■ **RECORDED DATA**
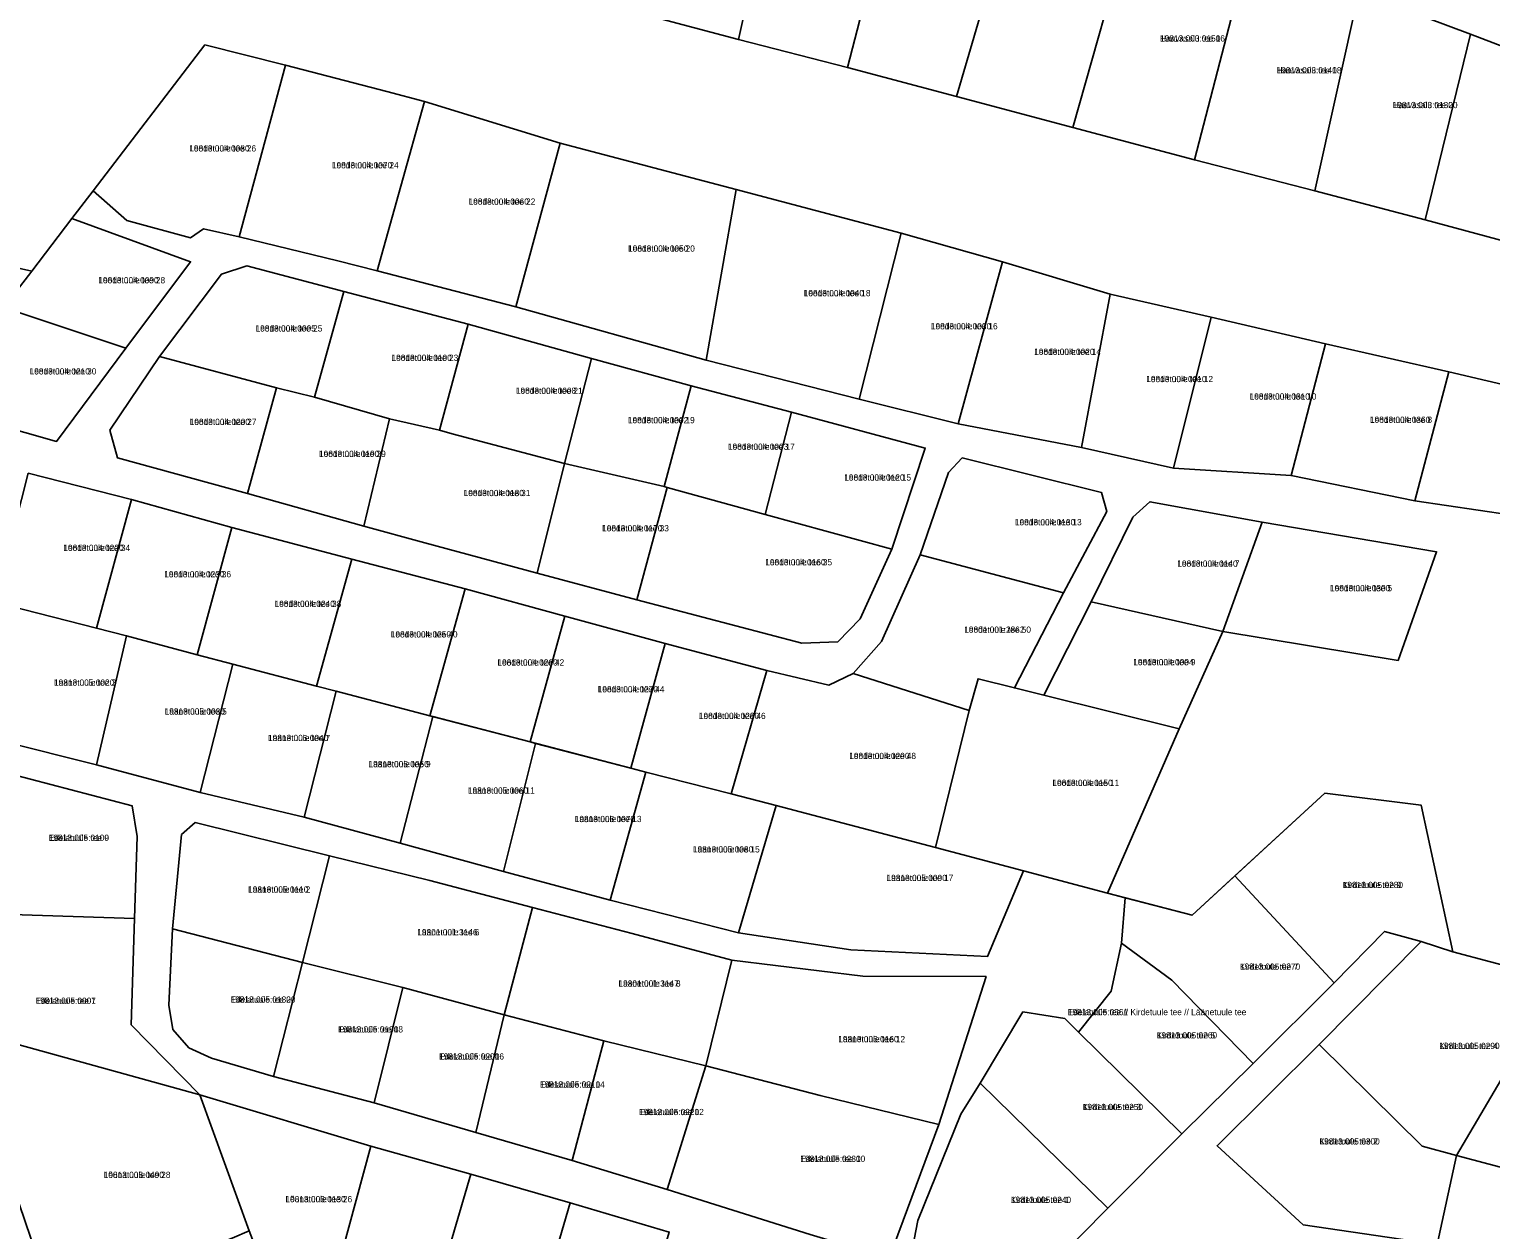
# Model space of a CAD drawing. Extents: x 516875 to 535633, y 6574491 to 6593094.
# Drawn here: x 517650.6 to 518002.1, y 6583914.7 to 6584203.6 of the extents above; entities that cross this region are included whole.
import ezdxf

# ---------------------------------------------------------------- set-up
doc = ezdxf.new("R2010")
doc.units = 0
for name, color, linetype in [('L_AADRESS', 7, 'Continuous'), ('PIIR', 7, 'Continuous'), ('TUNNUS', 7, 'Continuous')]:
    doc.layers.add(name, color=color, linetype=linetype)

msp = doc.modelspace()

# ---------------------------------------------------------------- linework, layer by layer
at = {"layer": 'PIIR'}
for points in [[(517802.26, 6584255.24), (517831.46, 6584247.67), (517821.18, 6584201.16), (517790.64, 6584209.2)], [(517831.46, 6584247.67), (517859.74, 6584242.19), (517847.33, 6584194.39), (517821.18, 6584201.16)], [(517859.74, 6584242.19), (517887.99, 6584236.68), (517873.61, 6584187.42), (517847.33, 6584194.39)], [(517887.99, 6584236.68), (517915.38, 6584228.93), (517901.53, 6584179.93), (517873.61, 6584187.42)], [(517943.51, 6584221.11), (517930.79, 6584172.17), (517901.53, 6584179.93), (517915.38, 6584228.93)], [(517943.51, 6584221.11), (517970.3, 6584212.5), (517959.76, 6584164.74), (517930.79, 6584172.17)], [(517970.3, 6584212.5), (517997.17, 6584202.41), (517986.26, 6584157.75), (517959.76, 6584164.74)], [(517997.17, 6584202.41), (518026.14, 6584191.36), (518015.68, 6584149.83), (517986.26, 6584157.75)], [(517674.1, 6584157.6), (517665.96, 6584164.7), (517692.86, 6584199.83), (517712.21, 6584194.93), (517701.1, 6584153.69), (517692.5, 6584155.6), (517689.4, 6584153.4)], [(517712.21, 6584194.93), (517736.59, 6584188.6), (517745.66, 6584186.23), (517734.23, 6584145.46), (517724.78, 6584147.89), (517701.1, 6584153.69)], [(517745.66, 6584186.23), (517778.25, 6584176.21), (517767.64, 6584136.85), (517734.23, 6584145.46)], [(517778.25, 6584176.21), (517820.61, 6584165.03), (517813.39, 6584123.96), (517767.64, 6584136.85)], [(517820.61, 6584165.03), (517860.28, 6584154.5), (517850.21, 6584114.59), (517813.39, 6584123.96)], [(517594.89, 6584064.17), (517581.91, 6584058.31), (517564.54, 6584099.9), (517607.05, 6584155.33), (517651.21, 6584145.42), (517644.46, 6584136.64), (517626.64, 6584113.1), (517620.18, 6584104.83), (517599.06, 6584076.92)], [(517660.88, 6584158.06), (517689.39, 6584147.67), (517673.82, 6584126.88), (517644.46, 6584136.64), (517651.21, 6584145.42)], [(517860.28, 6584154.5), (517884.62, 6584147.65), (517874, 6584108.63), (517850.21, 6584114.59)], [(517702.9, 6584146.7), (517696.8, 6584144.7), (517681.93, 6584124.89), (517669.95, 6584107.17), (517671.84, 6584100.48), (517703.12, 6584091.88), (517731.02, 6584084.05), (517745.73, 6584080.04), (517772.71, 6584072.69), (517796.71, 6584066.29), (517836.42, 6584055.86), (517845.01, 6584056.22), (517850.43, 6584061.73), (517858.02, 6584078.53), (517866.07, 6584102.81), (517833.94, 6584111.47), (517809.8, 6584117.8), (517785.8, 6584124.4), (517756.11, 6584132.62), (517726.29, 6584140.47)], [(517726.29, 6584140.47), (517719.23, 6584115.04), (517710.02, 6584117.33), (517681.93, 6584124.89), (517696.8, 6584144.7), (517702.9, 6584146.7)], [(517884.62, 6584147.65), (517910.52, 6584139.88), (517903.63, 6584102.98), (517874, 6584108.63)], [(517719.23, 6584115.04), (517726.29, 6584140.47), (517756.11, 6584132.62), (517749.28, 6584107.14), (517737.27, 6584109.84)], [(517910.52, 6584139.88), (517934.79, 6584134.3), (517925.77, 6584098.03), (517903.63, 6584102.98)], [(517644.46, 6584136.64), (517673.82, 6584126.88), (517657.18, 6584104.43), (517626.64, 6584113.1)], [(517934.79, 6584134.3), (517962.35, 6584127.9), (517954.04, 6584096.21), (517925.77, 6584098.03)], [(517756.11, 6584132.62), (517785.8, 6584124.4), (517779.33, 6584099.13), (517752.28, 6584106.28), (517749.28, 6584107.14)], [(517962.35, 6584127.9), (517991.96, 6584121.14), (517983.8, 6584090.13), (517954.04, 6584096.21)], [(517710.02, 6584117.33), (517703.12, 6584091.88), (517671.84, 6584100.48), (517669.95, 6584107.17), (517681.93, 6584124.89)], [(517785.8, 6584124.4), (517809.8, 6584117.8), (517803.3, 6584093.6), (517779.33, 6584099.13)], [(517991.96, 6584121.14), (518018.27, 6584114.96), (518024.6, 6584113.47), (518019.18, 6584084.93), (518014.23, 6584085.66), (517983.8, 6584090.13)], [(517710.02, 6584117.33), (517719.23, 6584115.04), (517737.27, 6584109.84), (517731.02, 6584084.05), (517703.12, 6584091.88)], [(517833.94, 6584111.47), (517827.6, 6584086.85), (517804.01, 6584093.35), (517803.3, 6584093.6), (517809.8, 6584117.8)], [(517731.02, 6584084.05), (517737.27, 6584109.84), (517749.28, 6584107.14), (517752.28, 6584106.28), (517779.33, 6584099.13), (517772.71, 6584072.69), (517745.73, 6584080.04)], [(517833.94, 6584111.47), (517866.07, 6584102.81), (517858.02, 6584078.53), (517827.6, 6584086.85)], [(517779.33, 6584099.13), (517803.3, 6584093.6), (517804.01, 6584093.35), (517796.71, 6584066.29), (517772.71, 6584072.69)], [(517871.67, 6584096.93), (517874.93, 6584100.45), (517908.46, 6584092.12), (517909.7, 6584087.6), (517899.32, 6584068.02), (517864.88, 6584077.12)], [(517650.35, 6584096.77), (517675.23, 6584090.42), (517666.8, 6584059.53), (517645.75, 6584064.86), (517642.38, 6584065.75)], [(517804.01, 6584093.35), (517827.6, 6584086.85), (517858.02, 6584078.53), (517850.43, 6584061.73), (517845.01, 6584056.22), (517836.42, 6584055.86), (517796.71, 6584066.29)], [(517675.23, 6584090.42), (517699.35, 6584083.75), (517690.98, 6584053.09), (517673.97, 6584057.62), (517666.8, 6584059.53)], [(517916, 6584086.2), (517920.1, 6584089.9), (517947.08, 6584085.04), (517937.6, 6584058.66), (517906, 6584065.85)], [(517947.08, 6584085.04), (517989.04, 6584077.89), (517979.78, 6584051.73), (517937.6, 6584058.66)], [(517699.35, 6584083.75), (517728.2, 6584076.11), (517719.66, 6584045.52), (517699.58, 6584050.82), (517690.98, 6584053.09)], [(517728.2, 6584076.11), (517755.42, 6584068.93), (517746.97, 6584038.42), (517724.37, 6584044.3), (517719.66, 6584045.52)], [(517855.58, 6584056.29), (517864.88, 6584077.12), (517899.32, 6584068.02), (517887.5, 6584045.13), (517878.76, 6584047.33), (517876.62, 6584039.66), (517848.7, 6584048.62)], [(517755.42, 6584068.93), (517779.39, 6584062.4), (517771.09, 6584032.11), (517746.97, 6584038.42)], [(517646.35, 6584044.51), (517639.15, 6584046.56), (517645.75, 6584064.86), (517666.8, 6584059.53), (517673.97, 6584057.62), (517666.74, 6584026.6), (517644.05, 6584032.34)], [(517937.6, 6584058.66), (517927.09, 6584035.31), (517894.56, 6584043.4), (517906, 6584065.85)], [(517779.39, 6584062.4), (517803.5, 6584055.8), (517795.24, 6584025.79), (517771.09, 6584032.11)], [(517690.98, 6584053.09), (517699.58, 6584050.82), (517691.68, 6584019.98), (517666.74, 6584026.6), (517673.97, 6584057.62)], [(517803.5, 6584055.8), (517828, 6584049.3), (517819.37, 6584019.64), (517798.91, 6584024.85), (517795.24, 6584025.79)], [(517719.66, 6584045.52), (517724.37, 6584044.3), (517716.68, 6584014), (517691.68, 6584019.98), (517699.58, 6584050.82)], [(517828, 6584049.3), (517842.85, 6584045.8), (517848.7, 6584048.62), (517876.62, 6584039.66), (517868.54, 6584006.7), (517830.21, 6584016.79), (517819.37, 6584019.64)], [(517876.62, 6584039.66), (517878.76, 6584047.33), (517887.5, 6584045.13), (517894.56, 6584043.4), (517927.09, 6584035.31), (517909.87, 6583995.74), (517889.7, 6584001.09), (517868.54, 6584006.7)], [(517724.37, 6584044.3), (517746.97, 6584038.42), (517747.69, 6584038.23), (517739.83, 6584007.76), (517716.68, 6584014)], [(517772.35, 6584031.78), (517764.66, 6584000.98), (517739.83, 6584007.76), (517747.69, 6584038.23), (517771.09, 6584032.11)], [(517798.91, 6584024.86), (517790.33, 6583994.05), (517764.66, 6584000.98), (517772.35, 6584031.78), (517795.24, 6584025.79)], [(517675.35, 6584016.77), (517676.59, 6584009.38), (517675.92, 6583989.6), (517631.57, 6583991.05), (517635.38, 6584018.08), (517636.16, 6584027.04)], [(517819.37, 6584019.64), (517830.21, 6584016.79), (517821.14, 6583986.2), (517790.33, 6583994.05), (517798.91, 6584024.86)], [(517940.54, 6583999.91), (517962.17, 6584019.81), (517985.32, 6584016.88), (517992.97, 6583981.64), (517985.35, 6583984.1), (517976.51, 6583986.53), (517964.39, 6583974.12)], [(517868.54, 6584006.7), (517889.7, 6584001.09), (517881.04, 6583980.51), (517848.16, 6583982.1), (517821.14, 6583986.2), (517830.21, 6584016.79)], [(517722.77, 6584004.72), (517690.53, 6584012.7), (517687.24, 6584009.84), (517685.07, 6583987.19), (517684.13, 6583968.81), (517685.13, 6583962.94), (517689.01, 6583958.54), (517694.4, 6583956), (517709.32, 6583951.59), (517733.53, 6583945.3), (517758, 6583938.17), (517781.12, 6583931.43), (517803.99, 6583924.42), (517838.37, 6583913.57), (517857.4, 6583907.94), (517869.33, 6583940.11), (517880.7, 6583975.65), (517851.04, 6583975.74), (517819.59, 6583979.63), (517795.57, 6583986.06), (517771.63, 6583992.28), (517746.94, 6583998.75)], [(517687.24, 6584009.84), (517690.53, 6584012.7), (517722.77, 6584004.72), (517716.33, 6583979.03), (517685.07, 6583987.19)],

■ **INSTRUCTIONS FOR THE TASK**
In the material above, please find every line that includes the word "name" and copy it.

■ **WRITTEN ANSWER**
for name, color, linetype in [('L_AADRESS', 7, 'Continuous'), ('PIIR', 7, 'Continuous'), ('TUNNUS', 7, 'Continuous')]:
    doc.layers.add(name, color=color, linetype=linetype)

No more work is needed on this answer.